START Exercise input
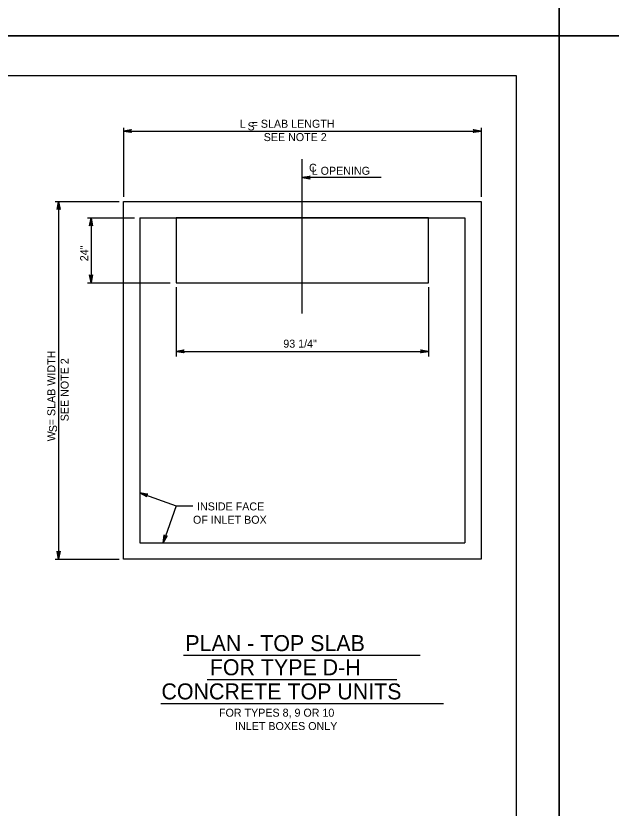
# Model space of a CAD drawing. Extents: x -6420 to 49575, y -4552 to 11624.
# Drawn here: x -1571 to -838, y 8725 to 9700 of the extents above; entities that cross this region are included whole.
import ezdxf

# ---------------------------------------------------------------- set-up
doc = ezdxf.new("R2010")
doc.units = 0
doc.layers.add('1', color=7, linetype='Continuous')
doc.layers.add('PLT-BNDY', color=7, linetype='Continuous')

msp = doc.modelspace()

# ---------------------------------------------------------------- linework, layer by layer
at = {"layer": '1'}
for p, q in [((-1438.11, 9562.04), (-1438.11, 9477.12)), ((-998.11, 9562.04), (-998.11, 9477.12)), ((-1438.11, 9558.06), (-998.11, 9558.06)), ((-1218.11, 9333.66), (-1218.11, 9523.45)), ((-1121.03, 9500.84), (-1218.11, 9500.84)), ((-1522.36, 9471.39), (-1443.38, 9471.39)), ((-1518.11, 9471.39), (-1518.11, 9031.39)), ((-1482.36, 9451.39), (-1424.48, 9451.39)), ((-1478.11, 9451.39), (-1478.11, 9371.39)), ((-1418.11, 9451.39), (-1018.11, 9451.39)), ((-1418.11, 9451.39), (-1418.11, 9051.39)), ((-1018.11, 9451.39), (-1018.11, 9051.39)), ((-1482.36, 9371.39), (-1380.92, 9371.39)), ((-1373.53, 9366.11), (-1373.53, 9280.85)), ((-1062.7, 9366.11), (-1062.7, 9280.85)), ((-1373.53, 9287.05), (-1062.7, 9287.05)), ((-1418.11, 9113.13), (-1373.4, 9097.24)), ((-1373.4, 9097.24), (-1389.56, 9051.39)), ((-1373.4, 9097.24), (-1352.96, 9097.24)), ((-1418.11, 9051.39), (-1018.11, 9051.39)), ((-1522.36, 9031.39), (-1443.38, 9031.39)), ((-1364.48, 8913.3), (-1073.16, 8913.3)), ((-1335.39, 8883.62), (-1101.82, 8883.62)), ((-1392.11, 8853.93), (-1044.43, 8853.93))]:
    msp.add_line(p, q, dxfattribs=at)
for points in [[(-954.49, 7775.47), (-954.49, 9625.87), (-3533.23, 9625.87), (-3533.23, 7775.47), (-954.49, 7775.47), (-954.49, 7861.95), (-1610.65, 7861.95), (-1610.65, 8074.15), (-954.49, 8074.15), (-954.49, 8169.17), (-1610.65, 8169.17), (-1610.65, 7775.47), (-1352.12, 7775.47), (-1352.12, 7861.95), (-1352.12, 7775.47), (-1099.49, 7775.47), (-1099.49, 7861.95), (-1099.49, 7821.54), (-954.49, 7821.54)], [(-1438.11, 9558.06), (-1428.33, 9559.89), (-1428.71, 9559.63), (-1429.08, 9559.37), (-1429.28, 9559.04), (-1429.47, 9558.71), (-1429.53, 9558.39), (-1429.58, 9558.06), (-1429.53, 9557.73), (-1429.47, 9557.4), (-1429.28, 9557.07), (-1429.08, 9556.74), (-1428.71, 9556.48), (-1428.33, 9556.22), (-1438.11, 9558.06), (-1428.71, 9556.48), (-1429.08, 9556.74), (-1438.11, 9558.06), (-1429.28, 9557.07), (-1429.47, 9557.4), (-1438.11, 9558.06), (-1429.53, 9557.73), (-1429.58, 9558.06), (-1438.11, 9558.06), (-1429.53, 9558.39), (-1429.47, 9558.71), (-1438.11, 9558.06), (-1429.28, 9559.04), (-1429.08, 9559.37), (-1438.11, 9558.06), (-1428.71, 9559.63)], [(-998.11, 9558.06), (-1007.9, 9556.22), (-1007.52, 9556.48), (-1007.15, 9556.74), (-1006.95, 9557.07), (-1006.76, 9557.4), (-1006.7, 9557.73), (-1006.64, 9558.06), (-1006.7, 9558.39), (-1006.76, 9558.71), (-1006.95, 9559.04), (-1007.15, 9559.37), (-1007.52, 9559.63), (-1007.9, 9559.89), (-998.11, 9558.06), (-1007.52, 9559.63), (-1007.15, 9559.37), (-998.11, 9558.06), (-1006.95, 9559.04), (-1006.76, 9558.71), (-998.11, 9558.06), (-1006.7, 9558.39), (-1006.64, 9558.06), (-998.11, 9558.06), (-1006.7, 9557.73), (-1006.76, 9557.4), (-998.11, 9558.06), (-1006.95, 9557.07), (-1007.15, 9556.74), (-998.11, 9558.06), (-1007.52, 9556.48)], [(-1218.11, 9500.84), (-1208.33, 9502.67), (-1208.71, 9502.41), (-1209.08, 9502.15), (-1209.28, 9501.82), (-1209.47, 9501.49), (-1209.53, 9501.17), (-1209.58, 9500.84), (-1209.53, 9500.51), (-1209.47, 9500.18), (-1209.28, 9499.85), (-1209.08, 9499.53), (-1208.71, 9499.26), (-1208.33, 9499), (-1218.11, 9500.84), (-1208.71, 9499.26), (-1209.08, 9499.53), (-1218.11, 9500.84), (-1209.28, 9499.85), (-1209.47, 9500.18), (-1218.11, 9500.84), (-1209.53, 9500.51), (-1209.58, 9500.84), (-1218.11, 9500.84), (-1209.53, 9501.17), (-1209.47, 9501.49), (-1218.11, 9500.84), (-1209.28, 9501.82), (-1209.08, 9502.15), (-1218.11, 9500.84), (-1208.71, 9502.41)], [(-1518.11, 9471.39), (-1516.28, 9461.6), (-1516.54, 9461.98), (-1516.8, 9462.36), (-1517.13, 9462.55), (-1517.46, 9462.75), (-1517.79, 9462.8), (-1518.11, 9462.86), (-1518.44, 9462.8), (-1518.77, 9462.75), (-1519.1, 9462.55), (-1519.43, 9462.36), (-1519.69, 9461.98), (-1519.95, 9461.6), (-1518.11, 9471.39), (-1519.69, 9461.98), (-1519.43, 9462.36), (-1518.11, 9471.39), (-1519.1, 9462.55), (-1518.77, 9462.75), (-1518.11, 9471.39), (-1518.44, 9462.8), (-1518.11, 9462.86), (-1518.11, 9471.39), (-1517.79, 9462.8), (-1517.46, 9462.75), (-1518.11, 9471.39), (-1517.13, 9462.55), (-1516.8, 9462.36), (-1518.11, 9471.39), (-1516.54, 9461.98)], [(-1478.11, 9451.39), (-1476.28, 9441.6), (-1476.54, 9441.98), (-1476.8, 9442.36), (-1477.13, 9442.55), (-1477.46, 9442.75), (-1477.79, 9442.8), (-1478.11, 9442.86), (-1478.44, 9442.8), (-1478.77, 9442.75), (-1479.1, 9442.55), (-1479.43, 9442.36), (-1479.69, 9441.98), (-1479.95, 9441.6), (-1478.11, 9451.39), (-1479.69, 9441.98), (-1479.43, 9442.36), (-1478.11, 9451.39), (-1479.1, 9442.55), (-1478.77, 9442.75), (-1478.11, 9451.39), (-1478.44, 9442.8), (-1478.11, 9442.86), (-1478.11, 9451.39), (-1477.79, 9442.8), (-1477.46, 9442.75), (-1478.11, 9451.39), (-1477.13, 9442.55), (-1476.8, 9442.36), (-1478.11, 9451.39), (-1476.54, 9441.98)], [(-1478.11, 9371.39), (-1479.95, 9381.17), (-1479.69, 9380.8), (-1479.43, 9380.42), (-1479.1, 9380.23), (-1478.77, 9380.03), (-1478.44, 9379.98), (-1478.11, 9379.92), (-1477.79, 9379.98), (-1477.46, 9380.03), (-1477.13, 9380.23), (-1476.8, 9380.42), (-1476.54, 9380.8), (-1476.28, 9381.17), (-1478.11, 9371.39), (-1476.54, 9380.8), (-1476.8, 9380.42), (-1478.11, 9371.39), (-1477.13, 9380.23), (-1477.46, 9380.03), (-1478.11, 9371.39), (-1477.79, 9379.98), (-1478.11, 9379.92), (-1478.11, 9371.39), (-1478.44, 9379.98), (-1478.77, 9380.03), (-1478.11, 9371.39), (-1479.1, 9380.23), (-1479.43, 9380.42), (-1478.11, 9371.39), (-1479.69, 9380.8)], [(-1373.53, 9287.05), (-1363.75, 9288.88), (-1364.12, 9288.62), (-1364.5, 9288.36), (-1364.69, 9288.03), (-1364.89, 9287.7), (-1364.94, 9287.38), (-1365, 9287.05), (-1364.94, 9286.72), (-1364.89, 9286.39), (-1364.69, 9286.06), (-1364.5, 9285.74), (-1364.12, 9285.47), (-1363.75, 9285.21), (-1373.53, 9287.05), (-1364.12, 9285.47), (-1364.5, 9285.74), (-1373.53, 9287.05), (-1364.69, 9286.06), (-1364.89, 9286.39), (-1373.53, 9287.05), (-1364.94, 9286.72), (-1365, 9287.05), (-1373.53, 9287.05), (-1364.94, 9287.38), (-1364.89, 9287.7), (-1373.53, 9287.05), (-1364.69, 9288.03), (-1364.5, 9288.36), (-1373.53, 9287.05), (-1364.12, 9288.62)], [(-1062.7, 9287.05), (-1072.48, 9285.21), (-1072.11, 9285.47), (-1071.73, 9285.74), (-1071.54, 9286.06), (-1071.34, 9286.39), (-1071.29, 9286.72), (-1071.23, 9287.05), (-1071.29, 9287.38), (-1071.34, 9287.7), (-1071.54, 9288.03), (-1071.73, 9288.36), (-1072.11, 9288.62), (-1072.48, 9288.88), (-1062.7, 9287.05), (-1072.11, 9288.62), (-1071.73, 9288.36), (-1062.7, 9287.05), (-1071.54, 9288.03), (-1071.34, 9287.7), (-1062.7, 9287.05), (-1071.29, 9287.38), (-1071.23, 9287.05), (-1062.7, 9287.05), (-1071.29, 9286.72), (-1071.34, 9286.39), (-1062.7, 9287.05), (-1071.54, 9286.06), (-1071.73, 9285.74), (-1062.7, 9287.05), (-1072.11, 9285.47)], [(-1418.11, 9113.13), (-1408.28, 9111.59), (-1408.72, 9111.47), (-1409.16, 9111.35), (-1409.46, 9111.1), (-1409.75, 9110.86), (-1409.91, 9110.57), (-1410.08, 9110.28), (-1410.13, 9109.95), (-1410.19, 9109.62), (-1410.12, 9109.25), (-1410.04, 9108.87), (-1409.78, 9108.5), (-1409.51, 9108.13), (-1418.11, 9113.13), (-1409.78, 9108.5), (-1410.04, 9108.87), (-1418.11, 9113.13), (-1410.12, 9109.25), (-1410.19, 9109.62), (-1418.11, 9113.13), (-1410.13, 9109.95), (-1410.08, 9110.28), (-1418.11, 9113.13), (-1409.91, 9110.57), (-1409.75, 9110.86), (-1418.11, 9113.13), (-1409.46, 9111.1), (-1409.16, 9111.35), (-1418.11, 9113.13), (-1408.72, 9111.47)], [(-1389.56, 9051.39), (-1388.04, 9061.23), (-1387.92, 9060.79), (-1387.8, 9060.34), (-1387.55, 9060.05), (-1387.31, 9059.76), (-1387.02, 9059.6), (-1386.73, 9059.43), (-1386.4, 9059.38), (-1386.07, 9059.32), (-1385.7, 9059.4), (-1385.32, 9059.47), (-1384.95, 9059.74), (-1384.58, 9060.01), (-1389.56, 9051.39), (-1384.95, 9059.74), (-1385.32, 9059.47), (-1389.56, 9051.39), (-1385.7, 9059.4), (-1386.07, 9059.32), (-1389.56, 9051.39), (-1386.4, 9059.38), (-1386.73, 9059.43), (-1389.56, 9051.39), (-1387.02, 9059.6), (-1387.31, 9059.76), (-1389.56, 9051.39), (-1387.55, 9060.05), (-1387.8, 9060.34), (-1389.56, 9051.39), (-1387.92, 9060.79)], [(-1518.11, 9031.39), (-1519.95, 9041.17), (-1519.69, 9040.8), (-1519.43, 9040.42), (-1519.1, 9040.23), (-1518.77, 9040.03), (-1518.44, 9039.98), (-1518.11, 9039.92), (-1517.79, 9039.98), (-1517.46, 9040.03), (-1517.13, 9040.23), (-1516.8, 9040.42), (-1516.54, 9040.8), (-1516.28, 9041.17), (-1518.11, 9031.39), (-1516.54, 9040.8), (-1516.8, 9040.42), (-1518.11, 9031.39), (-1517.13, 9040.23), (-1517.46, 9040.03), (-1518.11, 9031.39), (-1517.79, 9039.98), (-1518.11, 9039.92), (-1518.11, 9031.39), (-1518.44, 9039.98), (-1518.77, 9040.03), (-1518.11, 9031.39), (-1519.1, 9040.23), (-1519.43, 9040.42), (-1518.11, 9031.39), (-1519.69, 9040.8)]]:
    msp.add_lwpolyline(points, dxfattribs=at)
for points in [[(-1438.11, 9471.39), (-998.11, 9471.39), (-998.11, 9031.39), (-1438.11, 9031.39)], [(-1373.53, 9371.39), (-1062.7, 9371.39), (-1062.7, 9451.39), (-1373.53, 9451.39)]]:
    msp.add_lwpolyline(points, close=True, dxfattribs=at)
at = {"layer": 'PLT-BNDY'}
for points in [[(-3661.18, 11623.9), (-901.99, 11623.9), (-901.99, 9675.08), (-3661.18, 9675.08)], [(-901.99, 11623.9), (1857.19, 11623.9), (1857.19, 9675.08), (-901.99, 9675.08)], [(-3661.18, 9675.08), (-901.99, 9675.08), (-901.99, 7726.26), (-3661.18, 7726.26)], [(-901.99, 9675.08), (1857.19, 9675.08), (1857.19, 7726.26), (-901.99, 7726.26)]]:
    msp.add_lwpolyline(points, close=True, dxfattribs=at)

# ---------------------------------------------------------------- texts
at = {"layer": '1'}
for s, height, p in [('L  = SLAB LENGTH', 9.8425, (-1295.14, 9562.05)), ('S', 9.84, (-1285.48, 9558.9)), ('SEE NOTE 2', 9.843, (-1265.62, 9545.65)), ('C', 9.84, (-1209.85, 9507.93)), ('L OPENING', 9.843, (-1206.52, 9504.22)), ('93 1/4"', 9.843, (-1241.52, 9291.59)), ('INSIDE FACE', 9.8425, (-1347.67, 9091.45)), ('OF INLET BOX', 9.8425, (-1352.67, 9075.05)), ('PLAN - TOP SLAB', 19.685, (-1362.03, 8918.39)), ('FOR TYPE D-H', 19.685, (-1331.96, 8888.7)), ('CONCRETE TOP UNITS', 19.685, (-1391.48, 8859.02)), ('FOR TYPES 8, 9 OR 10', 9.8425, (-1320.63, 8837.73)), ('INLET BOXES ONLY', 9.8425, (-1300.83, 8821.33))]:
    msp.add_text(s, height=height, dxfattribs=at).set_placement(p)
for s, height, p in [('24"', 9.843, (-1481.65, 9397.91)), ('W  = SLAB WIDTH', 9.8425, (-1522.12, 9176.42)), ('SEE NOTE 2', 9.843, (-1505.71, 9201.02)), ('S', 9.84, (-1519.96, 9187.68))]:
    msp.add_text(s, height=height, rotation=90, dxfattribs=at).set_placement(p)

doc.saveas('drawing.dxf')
END Exercise input
• _Your instructions_
Above are the entries. Quote exactly the lines from the one bearing "(-1481.65, 9397.91)), ('W" through the one bearing "height=height, rotation=90, dxfattribs=at).set_placement(p)".

• _Written response_
for s, height, p in [('24"', 9.843, (-1481.65, 9397.91)), ('W  = SLAB WIDTH', 9.8425, (-1522.12, 9176.42)), ('SEE NOTE 2', 9.843, (-1505.71, 9201.02)), ('S', 9.84, (-1519.96, 9187.68))]:
    msp.add_text(s, height=height, rotation=90, dxfattribs=at).set_placement(p)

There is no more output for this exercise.